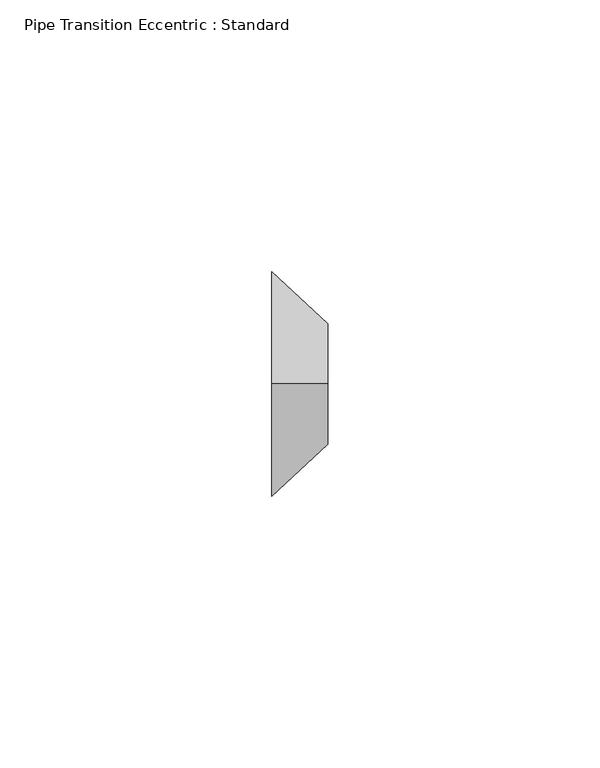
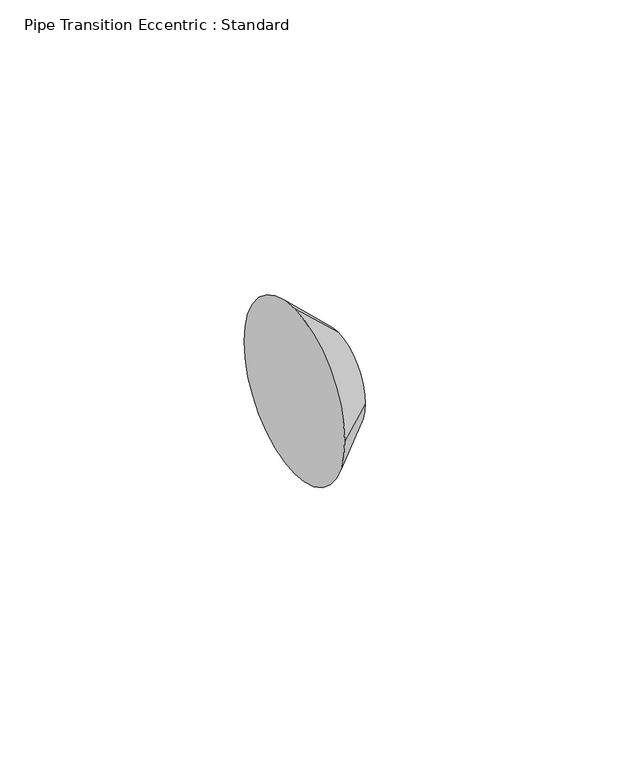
"""IFC4 building model written with IfcOpenShell, lengths in millimetres: pipe fitting geometry, Pipe Transition Eccentric : Standard."""

from ifc_helpers import new_model, si_unit, frame, origin, place, context, project, spatial, polyline, circle_curve, source, transform, mapped, element, save
from ifc_brep_helpers import plane_surface, revolved_surface, advanced_brep


def pipe_transition_eccentric_standard_d2ed9d0f(model_context):
    return source(origin(), model_context, "Body", "AdvancedBrep", [
        advanced_brep(
        [(10.31875, 0.0, 11.1125), (10.31875, -11.1125, 0.0), (10.31875, 0.0, -11.1125), (10.31875, 11.1125, 0.0), (0.0, 0.0, 20.6375), (0.0, 20.6375, 0.0), (0.0, 0.0, -20.6375), (0.0, -20.6375, 0.0)],
        [
            (0, 1, circle_curve(frame((10.31875, 0.0, 0.0), z_axis=(1.0, 0.0, 0.0), x_axis=(0.0, 0.0, 1.0)), 11.1125)),
            (1, 2, circle_curve(frame((10.31875, 0.0, 0.0), z_axis=(1.0, 0.0, 0.0), x_axis=(0.0, -1.0, 0.0)), 11.1125)),
            (2, 3, circle_curve(frame((10.31875, 0.0, 0.0), z_axis=(1.0, 0.0, 0.0), x_axis=(0.0, 0.0, -1.0)), 11.1125)),
            (3, 0, circle_curve(frame((10.31875, 0.0, 0.0), z_axis=(1.0, 0.0, 0.0), x_axis=(0.0, 1.0, 0.0)), 11.1125)),
            (4, 5, circle_curve(frame((0.0, 0.0, 0.0), z_axis=(-1.0, 0.0, 0.0), x_axis=(0.0, 1.0, 0.0)), 20.6375)),
            (5, 6, circle_curve(frame((0.0, 0.0, 0.0), z_axis=(-1.0, 0.0, 0.0), x_axis=(0.0, 0.0, -1.0)), 20.6375)),
            (6, 7, circle_curve(frame((0.0, 0.0, 0.0), z_axis=(-1.0, 0.0, 0.0), x_axis=(0.0, -1.0, 0.0)), 20.6375)),
            (7, 4, circle_curve(frame((0.0, 0.0, 0.0), z_axis=(-1.0, 0.0, 0.0), x_axis=(0.0, 0.0, 1.0)), 20.6375)),
            (7, 1),
            (0, 4),
            (6, 2),
            (5, 3),
        ],
        [
            plane_surface(frame((10.31875, 0.0, 0.0), z_axis=(1.0, 0.0, 0.0), x_axis=(0.0, -1.0, 0.0))),
            plane_surface(frame((0.0, 0.0, 0.0), z_axis=(-1.0, 0.0, 0.0), x_axis=(0.0, -1.0, 0.0))),
            revolved_surface(polyline([(10.31875, 0.0, 11.112500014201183), (0.0, 0.0, 20.6375)]), (22.3572917, 0.0, 0.0), (-1.0, 0.0, 0.0)),
            revolved_surface(polyline([(10.31875, -11.112500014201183, 0.0), (0.0, -20.6375, 0.0)]), (22.3572917, 0.0, 0.0), (-1.0, 0.0, 0.0)),
            revolved_surface(polyline([(10.31875, 0.0, -11.112500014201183), (0.0, 0.0, -20.6375)]), (22.3572917, 0.0, 0.0), (-1.0, 0.0, 0.0)),
            revolved_surface(polyline([(10.31875, 11.112500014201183, 0.0), (0.0, 20.6375, 0.0)]), (22.3572917, 0.0, 0.0), (-1.0, 0.0, 0.0)),
        ],
        [
            (0, [[1, 2, 3, 4]]),
            (1, [[5, 6, 7, 8]]),
            (2, [[-8, 9, -1, 10]]),
            (3, [[-7, 11, -2, -9]]),
            (4, [[-6, 12, -3, -11]]),
            (5, [[-5, -10, -4, -12]]),
        ],
    ),
        advanced_brep(
        [(10.31875, 0.0, 11.1125), (10.31875, -11.1125, 0.0), (10.31875, 0.0, -11.1125), (10.31875, 11.1125, 0.0), (0.0, 0.0, 20.6375), (0.0, 20.6375, 0.0), (0.0, 0.0, -20.6375), (0.0, -20.6375, 0.0)],
        [
            (0, 1, circle_curve(frame((10.31875, 0.0, 0.0), z_axis=(1.0, 0.0, 0.0), x_axis=(0.0, 0.0, 1.0)), 11.1125)),
            (1, 2, circle_curve(frame((10.31875, 0.0, 0.0), z_axis=(1.0, 0.0, 0.0), x_axis=(0.0, -1.0, 0.0)), 11.1125)),
            (2, 3, circle_curve(frame((10.31875, 0.0, 0.0), z_axis=(1.0, 0.0, -1.2984464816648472e-12), x_axis=(-1.298489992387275e-12, 0.0, -1.0)), 11.1125)),
            (3, 0, circle_curve(frame((10.31875, 0.0, 0.0), z_axis=(1.0, 0.0, 0.0), x_axis=(0.0, 1.0, 0.0)), 11.1125)),
            (4, 5, circle_curve(frame((0.0, 0.0, 0.0), z_axis=(-1.0, 0.0, 0.0), x_axis=(0.0, 1.0, 0.0)), 20.6375)),
            (5, 6, circle_curve(frame((0.0, 0.0, 0.0), z_axis=(-1.0, 0.0, 1.2984464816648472e-12), x_axis=(-1.298489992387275e-12, 0.0, -1.0)), 20.6375)),
            (6, 7, circle_curve(frame((0.0, 0.0, 0.0), z_axis=(-1.0, 0.0, 0.0), x_axis=(0.0, -1.0, 0.0)), 20.6375)),
            (7, 4, circle_curve(frame((0.0, 0.0, 0.0), z_axis=(-1.0, 0.0, 0.0), x_axis=(0.0, 0.0, 1.0)), 20.6375)),
            (7, 1),
            (0, 4),
            (6, 2),
            (5, 3),
        ],
        [
            plane_surface(frame((10.31875, 0.0, 0.0), z_axis=(1.0, 0.0, 0.0), x_axis=(0.0, -1.0, 0.0))),
            plane_surface(frame((0.0, 0.0, 0.0), z_axis=(-1.0, 0.0, 0.0), x_axis=(0.0, -1.0, 0.0))),
            revolved_surface(polyline([(10.31875, 0.0, 11.112500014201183), (0.0, 0.0, 20.6375)]), (22.3572917, 0.0, 0.0), (-1.0, 0.0, 0.0)),
            revolved_surface(polyline([(10.31875, -11.112500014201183, 0.0), (0.0, -20.6375, 0.0)]), (22.3572917, 0.0, 0.0), (-1.0, 0.0, 0.0)),
            revolved_surface(polyline([(10.31875, 0.0, -11.112500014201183), (-2.679811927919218e-11, 0.0, -20.637500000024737)]), (22.3572917, 0.0, 0.0), (-1.0, 0.0, 1.2984464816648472e-12)),
            revolved_surface(polyline([(10.31875, 11.112500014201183, 0.0), (0.0, 20.6375, 0.0)]), (22.3572917, 0.0, 0.0), (-1.0, 0.0, 0.0)),
        ],
        [
            (0, [[1, 2, 3, 4]]),
            (1, [[5, 6, 7, 8]]),
            (2, [[-8, 9, -1, 10]]),
            (3, [[-7, 11, -2, -9]]),
            (4, [[-6, 12, -3, -11]]),
            (5, [[-5, -10, -4, -12]]),
        ],
    ),
    ])


if __name__ == "__main__":
    model = new_model("IFC4")
    model_context = context("Model", 3, world=origin())
    ifc_project = project(units=[si_unit("LENGTHUNIT", "METRE", prefix="MILLI")], contexts=[model_context])
    site = spatial("IfcSite", under=ifc_project)
    building = spatial("IfcBuilding", under=site)
    placement = place(None, origin())
    pipe_transition_eccentric_standard_shape = pipe_transition_eccentric_standard_d2ed9d0f(model_context)
    element("IfcPipeFitting", 1, ObjectType="Pipe Transition Eccentric : Standard", at=placement, inside=building, context=model_context, shape_type="MappedRepresentation", body=[
        mapped(pipe_transition_eccentric_standard_shape, transform((0.0, 0.0, 0.0), x_axis=(1.0, 0.0, 0.0), y_axis=(0.0, 1.0, 0.0), z_axis=(0.0, 0.0, 1.0))),
    ])
    save(model, "model.ifc")

* What is expected *
Scan the material for the string "spatial". Copy each line where it appears.

* Answer *
from ifc_helpers import new_model, si_unit, frame, origin, place, context, project, spatial, polyline, circle_curve, source, transform, mapped, element, save
    site = spatial("IfcSite", under=ifc_project)
    building = spatial("IfcBuilding", under=site)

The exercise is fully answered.